Filter the entries beneath this task, copying only the lines that hold the word "SweptSolid".

--- DATA FOR ANALYSIS Enclosed Below ---

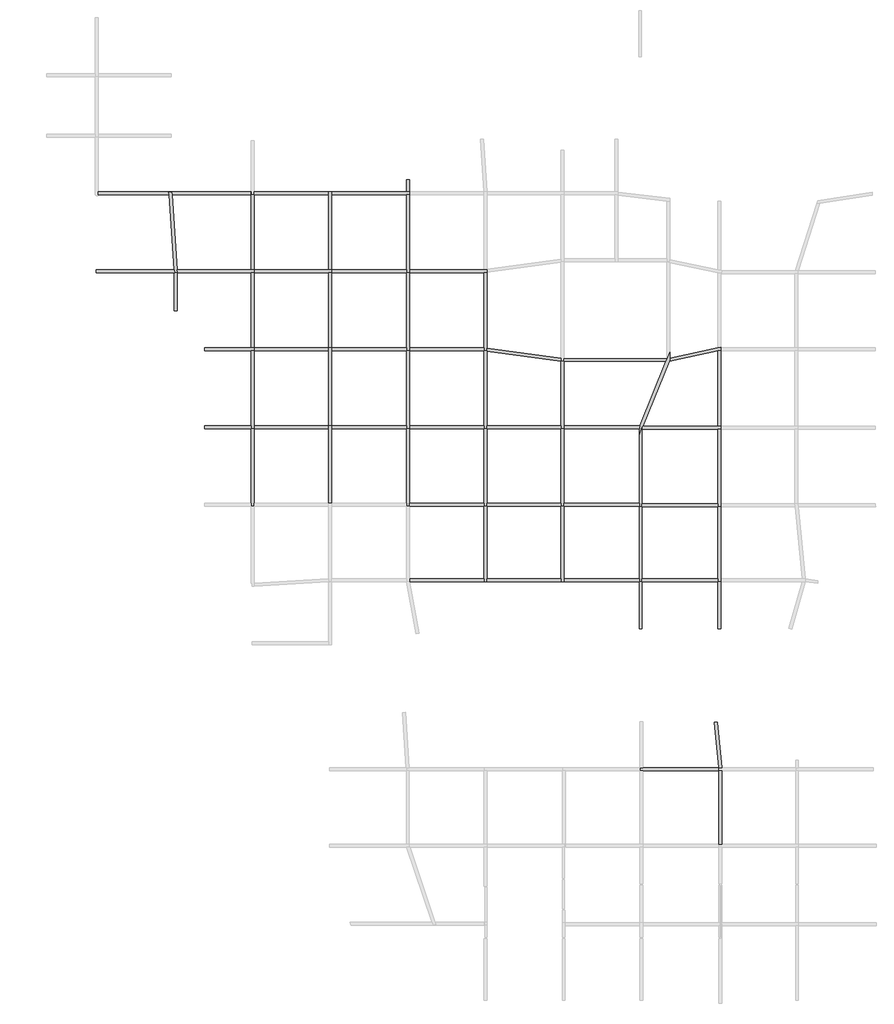
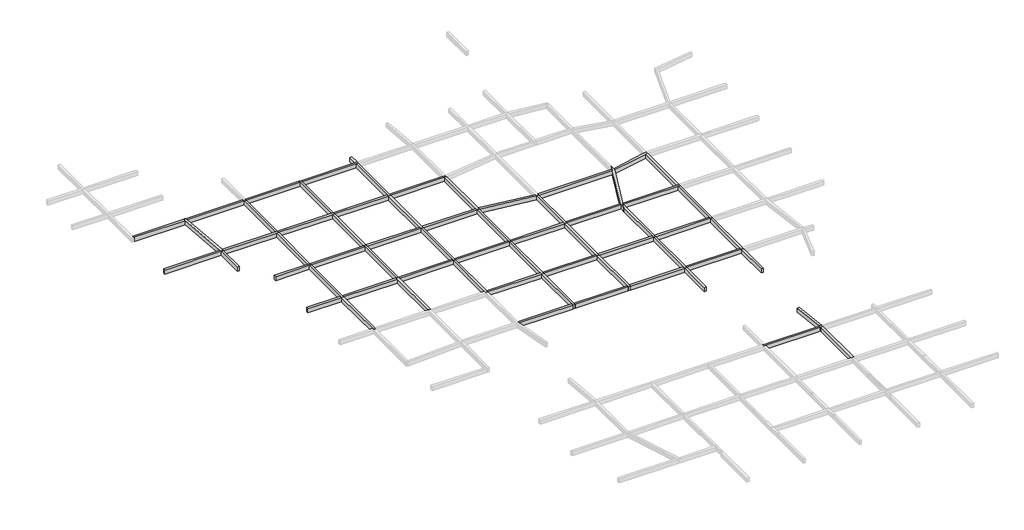
# One storey, part 2 of 8: 64 beams.
"""IFC4 building model written with IfcOpenShell, lengths in millimetres."""

from ifc_helpers import new_model, si_unit, frame, origin, place, context, project, spatial, polyline, outline, extrude, faceted_brep, element, save

model = new_model("IFC4")

# Units and contexts
model_context = context("Model", 3, world=origin())
ifc_project = project(units=[si_unit("LENGTHUNIT", "METRE", prefix="MILLI")], contexts=[model_context])

# Site, building, storey
site = spatial("IfcSite", under=ifc_project)
building = spatial("IfcBuilding", under=site)
storey = spatial("IfcBuildingStorey", under=building, Name="层高", Elevation=3300.0)

# Beams
placement = place(None, origin())
element("IfcBeam", 1, ObjectType="混凝土 - 矩形梁 : KL_beam", at=placement, inside=storey, context=model_context, shape_type="Brep", body=[
    faceted_brep([(70180.9452484, 119135.802002, 3300.0), (70480.2144635, 119156.7289441, 3300.0), (70460.6997743, 119435.802002, 3300.0), (69929.2560035, 127035.802002, 3300.0), (69908.2779599, 127335.802002, 3300.0), (69609.0087449, 127314.8750599, 3300.0), (69628.5234341, 127035.802002, 3300.0), (70159.9672049, 119435.802002, 3300.0), (70180.9452484, 119135.802002, 2700.0), (69609.0087449, 127314.8750599, 2700.0), (69628.5234341, 127035.802002, 2700.0), (70159.9672049, 119435.802002, 2700.0), (70480.2144635, 119156.7289441, 2700.0), (69908.2779599, 127335.802002, 2700.0), (69929.2560035, 127035.802002, 2700.0), (70460.6997743, 119435.802002, 2700.0)], [[[0, 1, 2, 3, 4, 5, 6, 7]], [[8, 0, 7, 6, 5, 9, 10, 11]], [[12, 8, 11, 10, 9, 13, 14, 15]], [[1, 12, 15, 14, 13, 4, 3, 2]], [[4, 13, 9, 5]], [[1, 0, 8, 12]]]),
])
element("IfcBeam", 2, ObjectType="混凝土 - 矩形梁 : KL_beam", at=placement, inside=storey, context=model_context, shape_type="Brep", body=[
    faceted_brep([(62233.8430954, 119135.802002, 3300.0), (70170.8225114, 119135.802002, 3300.0), (70180.9452484, 119135.802002, 3300.0), (70159.9672049, 119435.802002, 3300.0), (62233.8430954, 119435.802002, 3300.0), (62233.8430954, 119435.802002, 2700.0), (70159.9672049, 119435.802002, 2700.0), (70180.9452484, 119135.802002, 2700.0), (70170.8225114, 119135.802002, 2700.0), (62233.8430954, 119135.802002, 2700.0)], [[[0, 1, 2, 3, 4]], [[5, 4, 3, 6]], [[7, 8, 9, 5, 6]], [[2, 1, 0, 9, 8, 7]], [[0, 4, 5, 9]], [[3, 2, 7, 6]]]),
])
element("IfcBeam", 3, ObjectType="混凝土 - 矩形梁 : KL_beam", at=placement, inside=storey, context=model_context, shape_type="Brep", body=[
    faceted_brep([(70460.6997743, 119435.802002, 3300.0), (70480.2144635, 119156.7289441, 3300.0), (70180.9452484, 119135.802002, 3300.0), (70470.8225114, 119135.802002, 3300.0), (77970.8225114, 119135.802002, 3300.0), (78270.8225114, 119135.802002, 3300.0), (78270.8225114, 119435.802002, 3300.0), (77970.8225114, 119435.802002, 3300.0), (78270.8225114, 119135.802002, 2700.0), (70180.9452484, 119135.802002, 2700.0), (70470.8225114, 119135.802002, 2700.0), (77970.8225114, 119135.802002, 2700.0), (70480.2144635, 119156.7289441, 2700.0), (70460.6997743, 119435.802002, 2700.0), (77970.8225114, 119435.802002, 2700.0), (78270.8225114, 119435.802002, 2700.0)], [[[0, 1, 2, 3, 4, 5, 6, 7]], [[8, 5, 4, 3, 2, 9, 10, 11]], [[12, 13, 14, 15, 8, 11, 10, 9]], [[13, 0, 7, 6, 15, 14]], [[12, 1, 0, 13]], [[1, 12, 9, 2]], [[6, 5, 8, 15]]]),
])
element("IfcBeam", 4, ObjectType="混凝土 - 矩形梁 : KL_beam", at=placement, inside=storey, context=model_context, shape_type="Brep", body=[
    faceted_brep([(77970.8225114, 119435.802002, 3300.0), (78270.8225114, 119435.802002, 3300.0), (78270.8225114, 127035.802002, 3300.0), (77992.6046485, 127035.802002, 3300.0), (77992.6046485, 127335.802002, 3300.0), (77970.8225114, 127335.802002, 3300.0), (77970.8225114, 127035.802002, 3300.0), (78270.8225114, 119435.802002, 2700.0), (78270.8225114, 127035.802002, 2700.0), (77970.8225114, 119435.802002, 2700.0), (77970.8225114, 127035.802002, 2700.0), (77970.8225114, 127335.802002, 2700.0), (77992.6046485, 127335.802002, 2700.0), (77992.6046485, 127035.802002, 2700.0)], [[[0, 1, 2, 3, 4, 5, 6]], [[1, 7, 8, 2]], [[7, 9, 10, 11, 12, 13, 8]], [[5, 11, 10, 9, 0, 6]], [[3, 13, 12, 4]], [[1, 0, 9, 7]], [[11, 5, 4, 12]], [[13, 3, 2, 8]]]),
])
element("IfcBeam", 5, ObjectType="混凝土 - 矩形梁 : KL_beam", at=placement, inside=storey, context=model_context, shape_type="Brep", body=[
    faceted_brep([(86170.8225114, 119135.802002, 3300.0), (86170.8225114, 119435.802002, 3300.0), (85870.8225114, 119435.802002, 3300.0), (78270.8225114, 119435.802002, 3300.0), (78270.8225114, 119135.802002, 3300.0), (85870.8225114, 119135.802002, 3300.0), (86170.8225114, 119135.802002, 2700.0), (78270.8225114, 119135.802002, 2700.0), (85870.8225114, 119135.802002, 2700.0), (86170.8225114, 119435.802002, 2700.0), (78270.8225114, 119435.802002, 2700.0), (85870.8225114, 119435.802002, 2700.0)], [[[0, 1, 2, 3, 4, 5]], [[6, 0, 5, 4, 7, 8]], [[9, 6, 8, 7, 10, 11]], [[1, 9, 11, 10, 3, 2]], [[4, 3, 10, 7]], [[1, 0, 6, 9]]]),
])
element("IfcBeam", 6, ObjectType="混凝土 - 矩形梁 : KL_beam", at=placement, inside=storey, context=model_context, shape_type="Brep", body=[
    faceted_brep([(86170.8225114, 127335.802002, 3300.0), (85870.8225114, 127335.802002, 3300.0), (85870.8225114, 127035.802002, 3300.0), (85870.8225114, 119435.802002, 3300.0), (86170.8225114, 119435.802002, 3300.0), (86170.8225114, 127035.802002, 3300.0), (86170.8225114, 127335.802002, 2700.0), (86170.8225114, 119435.802002, 2700.0), (86170.8225114, 127035.802002, 2700.0), (85870.8225114, 127335.802002, 2700.0), (85870.8225114, 119435.802002, 2700.0), (85870.8225114, 127035.802002, 2700.0)], [[[0, 1, 2, 3, 4, 5]], [[6, 0, 5, 4, 7, 8]], [[9, 6, 8, 7, 10, 11]], [[1, 9, 11, 10, 3, 2]], [[4, 3, 10, 7]], [[1, 0, 6, 9]]]),
])
element("IfcBeam", 7, ObjectType="混凝土 - 矩形梁 : KL_beam", at=placement, inside=storey, context=model_context, shape_type="Brep", body=[
    faceted_brep([(94070.8225114, 127035.802002, 3300.0), (94070.8225114, 127335.802002, 3300.0), (93770.8225114, 127335.802002, 3300.0), (86170.8225114, 127335.802002, 3300.0), (86170.8225114, 127035.802002, 3300.0), (93770.8225114, 127035.802002, 3300.0), (94070.8225114, 127035.802002, 2700.0), (86170.8225114, 127035.802002, 2700.0), (93770.8225114, 127035.802002, 2700.0), (94070.8225114, 127335.802002, 2700.0), (86170.8225114, 127335.802002, 2700.0), (93770.8225114, 127335.802002, 2700.0)], [[[0, 1, 2, 3, 4, 5]], [[6, 0, 5, 4, 7, 8]], [[9, 6, 8, 7, 10, 11]], [[1, 9, 11, 10, 3, 2]], [[4, 3, 10, 7]], [[1, 0, 6, 9]]]),
])
element("IfcBeam", 8, ObjectType="混凝土 - 矩形梁 : KL_beam", at=placement, inside=storey, context=model_context, shape_type="Brep", body=[
    faceted_brep([(93770.8225114, 119135.802002, 3300.0), (94070.8225114, 119135.802002, 3300.0), (94070.8225114, 119435.802002, 3300.0), (94070.8225114, 127035.802002, 3300.0), (93770.8225114, 127035.802002, 3300.0), (93770.8225114, 119435.802002, 3300.0), (93770.8225114, 119135.802002, 2700.0), (93770.8225114, 127035.802002, 2700.0), (93770.8225114, 119435.802002, 2700.0), (94070.8225114, 119135.802002, 2700.0), (94070.8225114, 127035.802002, 2700.0), (94070.8225114, 119435.802002, 2700.0)], [[[0, 1, 2, 3, 4, 5]], [[6, 0, 5, 4, 7, 8]], [[9, 6, 8, 7, 10, 11]], [[1, 9, 11, 10, 3, 2]], [[4, 3, 10, 7]], [[1, 0, 6, 9]]]),
])
element("IfcBeam", 9, ObjectType="混凝土 - 矩形梁 : KL_beam", at=placement, inside=storey, context=model_context, shape_type="SweptSolid", body=[
    extrude(outline(polyline([(86170.8225114, 119135.802002), (86170.8225114, 119435.802002), (93770.8225114, 119435.802002), (93770.8225114, 119135.802002), (86170.8225114, 119135.802002)])), frame((0.0, 0.0, 2700.0), z_axis=(0.0, 0.0, 1.0), x_axis=(1.0, 0.0, 0.0)), (0.0, 0.0, 1.0), 600.0),
])
element("IfcBeam", 10, ObjectType="混凝土 - 矩形梁 : KL_beam", at=placement, inside=storey, context=model_context, shape_type="Brep", body=[
    faceted_brep([(101970.8225114, 119135.802002, 3300.0), (101970.8225114, 119155.4715744, 3300.0), (101970.8225114, 119435.802002, 3300.0), (101670.8225114, 119435.802002, 3300.0), (94070.8225114, 119435.802002, 3300.0), (94070.8225114, 119135.802002, 3300.0), (101670.8225114, 119135.802002, 3300.0), (101970.8225114, 119135.802002, 2700.0), (94070.8225114, 119135.802002, 2700.0), (101670.8225114, 119135.802002, 2700.0), (101970.8225114, 119435.802002, 2700.0), (101970.8225114, 119155.4715744, 2700.0), (94070.8225114, 119435.802002, 2700.0), (101670.8225114, 119435.802002, 2700.0)], [[[0, 1, 2, 3, 4, 5, 6]], [[7, 0, 6, 5, 8, 9]], [[10, 11, 7, 9, 8, 12, 13]], [[2, 10, 13, 12, 4, 3]], [[5, 4, 12, 8]], [[2, 1, 0, 7, 11, 10]]]),
])
element("IfcBeam", 11, ObjectType="混凝土 - 矩形梁 : KL_beam", at=placement, inside=storey, context=model_context, shape_type="SweptSolid", body=[
    extrude(outline(polyline([(93770.8225114, 128593.2738083), (94070.8225114, 128593.2738083), (94070.8225114, 127335.802002), (93770.8225114, 127335.802002), (93770.8225114, 128593.2738083)])), frame((0.0, 0.0, 2700.0), z_axis=(0.0, 0.0, 1.0), x_axis=(1.0, 0.0, 0.0)), (0.0, 0.0, 1.0), 600.0),
])
element("IfcBeam", 12, ObjectType="混凝土 - 矩形梁 : KL_beam", at=placement, inside=storey, context=model_context, shape_type="Brep", body=[
    faceted_brep([(70170.8225114, 115247.0451941, 3300.0), (70470.8225114, 115247.0451941, 3300.0), (70470.8225114, 119135.802002, 3300.0), (70180.9452484, 119135.802002, 3300.0), (70170.8225114, 119135.802002, 3300.0), (70170.8225114, 115247.0451941, 2700.0), (70170.8225114, 119135.802002, 2700.0), (70470.8225114, 115247.0451941, 2700.0), (70180.9452484, 119135.802002, 2700.0), (70470.8225114, 119135.802002, 2700.0)], [[[0, 1, 2, 3, 4]], [[5, 0, 4, 6]], [[7, 5, 6, 8, 9]], [[1, 7, 9, 2]], [[1, 0, 5, 7]], [[2, 9, 8, 6, 4, 3]]]),
])
element("IfcBeam", 13, ObjectType="混凝土 - 矩形梁 : KL_beam", at=placement, inside=storey, context=model_context, shape_type="Brep", body=[
    faceted_brep([(78270.8225114, 111177.0451941, 3300.0), (78270.8225114, 111477.0451941, 3300.0), (77970.8225114, 111477.0451941, 3300.0), (73233.8430954, 111477.0451941, 3300.0), (73233.8430954, 111177.0451941, 3300.0), (77970.8225114, 111177.0451941, 3300.0), (78270.8225114, 111177.0451941, 2700.0), (73233.8430954, 111177.0451941, 2700.0), (77970.8225114, 111177.0451941, 2700.0), (78270.8225114, 111477.0451941, 2700.0), (73233.8430954, 111477.0451941, 2700.0), (77970.8225114, 111477.0451941, 2700.0)], [[[0, 1, 2, 3, 4, 5]], [[6, 0, 5, 4, 7, 8]], [[9, 6, 8, 7, 10, 11]], [[1, 9, 11, 10, 3, 2]], [[4, 3, 10, 7]], [[1, 0, 6, 9]]]),
])
element("IfcBeam", 14, ObjectType="混凝土 - 矩形梁 : KL_beam", at=placement, inside=storey, context=model_context, shape_type="SweptSolid", body=[
    extrude(outline(polyline([(77970.8225114, 119135.802002), (78270.8225114, 119135.802002), (78270.8225114, 111477.0451941), (77970.8225114, 111477.0451941), (77970.8225114, 119135.802002)])), frame((0.0, 0.0, 2700.0), z_axis=(0.0, 0.0, 1.0), x_axis=(1.0, 0.0, 0.0)), (0.0, 0.0, 1.0), 600.0),
])
element("IfcBeam", 15, ObjectType="混凝土 - 矩形梁 : KL_beam", at=placement, inside=storey, context=model_context, shape_type="Brep", body=[
    faceted_brep([(77970.8225114, 103277.0451941, 3300.0), (78270.8225114, 103277.0451941, 3300.0), (78270.8225114, 103577.0451941, 3300.0), (78270.8225114, 111177.0451941, 3300.0), (77970.8225114, 111177.0451941, 3300.0), (77970.8225114, 103577.0451941, 3300.0), (77970.8225114, 103277.0451941, 2700.0), (77970.8225114, 111177.0451941, 2700.0), (77970.8225114, 103577.0451941, 2700.0), (78270.8225114, 103277.0451941, 2700.0), (78270.8225114, 111177.0451941, 2700.0), (78270.8225114, 103577.0451941, 2700.0)], [[[0, 1, 2, 3, 4, 5]], [[6, 0, 5, 4, 7, 8]], [[9, 6, 8, 7, 10, 11]], [[1, 9, 11, 10, 3, 2]], [[4, 3, 10, 7]], [[1, 0, 6, 9]]]),
])
element("IfcBeam", 16, ObjectType="混凝土 - 矩形梁 : KL_beam", at=placement, inside=storey, context=model_context, shape_type="SweptSolid", body=[
    extrude(outline(polyline([(73233.8430954, 103277.0451941), (73233.8430954, 103577.0451941), (77970.8225114, 103577.0451941), (77970.8225114, 103277.0451941), (73233.8430954, 103277.0451941)])), frame((0.0, 0.0, 2700.0), z_axis=(0.0, 0.0, 1.0), x_axis=(1.0, 0.0, 0.0)), (0.0, 0.0, 1.0), 600.0),
])
element("IfcBeam", 17, ObjectType="混凝土 - 矩形梁 : KL_beam", at=placement, inside=storey, context=model_context, shape_type="Brep", body=[
    faceted_brep([(77970.8225114, 95377.0451941, 3300.0), (78270.8225114, 95377.0451941, 3300.0), (78270.8225114, 95677.0451941, 3300.0), (78270.8225114, 103277.0451941, 3300.0), (77970.8225114, 103277.0451941, 3300.0), (77970.8225114, 95677.0451941, 3300.0), (77970.8225114, 95377.0451941, 2700.0), (77970.8225114, 103277.0451941, 2700.0), (77970.8225114, 95677.0451941, 2700.0), (78270.8225114, 95377.0451941, 2700.0), (78270.8225114, 103277.0451941, 2700.0), (78270.8225114, 95677.0451941, 2700.0)], [[[0, 1, 2, 3, 4, 5]], [[6, 0, 5, 4, 7, 8]], [[9, 6, 8, 7, 10, 11]], [[1, 9, 11, 10, 3, 2]], [[4, 3, 10, 7]], [[1, 0, 6, 9]]]),
])
element("IfcBeam", 18, ObjectType="混凝土 - 矩形梁 : KL_beam", at=placement, inside=storey, context=model_context, shape_type="Brep", body=[
    faceted_brep([(86170.8225114, 103577.0451941, 3300.0), (85870.8225114, 103577.0451941, 3300.0), (85870.8225114, 103277.0451941, 3300.0), (85870.8225114, 95677.0451941, 3300.0), (86170.8225114, 95677.0451941, 3300.0), (86170.8225114, 103277.0451941, 3300.0), (86170.8225114, 103577.0451941, 2700.0), (86170.8225114, 95677.0451941, 2700.0), (86170.8225114, 103277.0451941, 2700.0), (85870.8225114, 103577.0451941, 2700.0), (85870.8225114, 95677.0451941, 2700.0), (85870.8225114, 103277.0451941, 2700.0)], [[[0, 1, 2, 3, 4, 5]], [[6, 0, 5, 4, 7, 8]], [[9, 6, 8, 7, 10, 11]], [[1, 9, 11, 10, 3, 2]], [[1, 0, 6, 9]], [[4, 3, 10, 7]]]),
])
element("IfcBeam", 19, ObjectType="混凝土 - 矩形梁 : KL_beam", at=placement, inside=storey, context=model_context, shape_type="Brep", body=[
    faceted_brep([(86170.8225114, 111477.0451941, 3300.0), (85870.8225114, 111477.0451941, 3300.0), (85870.8225114, 111177.0451941, 3300.0), (85870.8225114, 103577.0451941, 3300.0), (86170.8225114, 103577.0451941, 3300.0), (86170.8225114, 111177.0451941, 3300.0), (86170.8225114, 111477.0451941, 2700.0), (86170.8225114, 103577.0451941, 2700.0), (86170.8225114, 111177.0451941, 2700.0), (85870.8225114, 111477.0451941, 2700.0), (85870.8225114, 103577.0451941, 2700.0), (85870.8225114, 111177.0451941, 2700.0)], [[[0, 1, 2, 3, 4, 5]], [[6, 0, 5, 4, 7, 8]], [[9, 6, 8, 7, 10, 11]], [[1, 9, 11, 10, 3, 2]], [[1, 0, 6, 9]], [[4, 3, 10, 7]]]),
])
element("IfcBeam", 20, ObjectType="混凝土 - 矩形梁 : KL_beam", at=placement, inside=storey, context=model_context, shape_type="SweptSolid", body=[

--- End of Enclosed DATA FOR ANALYSIS ---

[EXPECTED OUTPUT]
element("IfcBeam", 9, ObjectType="混凝土 - 矩形梁 : KL_beam", at=placement, inside=storey, context=model_context, shape_type="SweptSolid", body=[
element("IfcBeam", 11, ObjectType="混凝土 - 矩形梁 : KL_beam", at=placement, inside=storey, context=model_context, shape_type="SweptSolid", body=[
element("IfcBeam", 14, ObjectType="混凝土 - 矩形梁 : KL_beam", at=placement, inside=storey, context=model_context, shape_type="SweptSolid", body=[
element("IfcBeam", 16, ObjectType="混凝土 - 矩形梁 : KL_beam", at=placement, inside=storey, context=model_context, shape_type="SweptSolid", body=[
element("IfcBeam", 20, ObjectType="混凝土 - 矩形梁 : KL_beam", at=placement, inside=storey, context=model_context, shape_type="SweptSolid", body=[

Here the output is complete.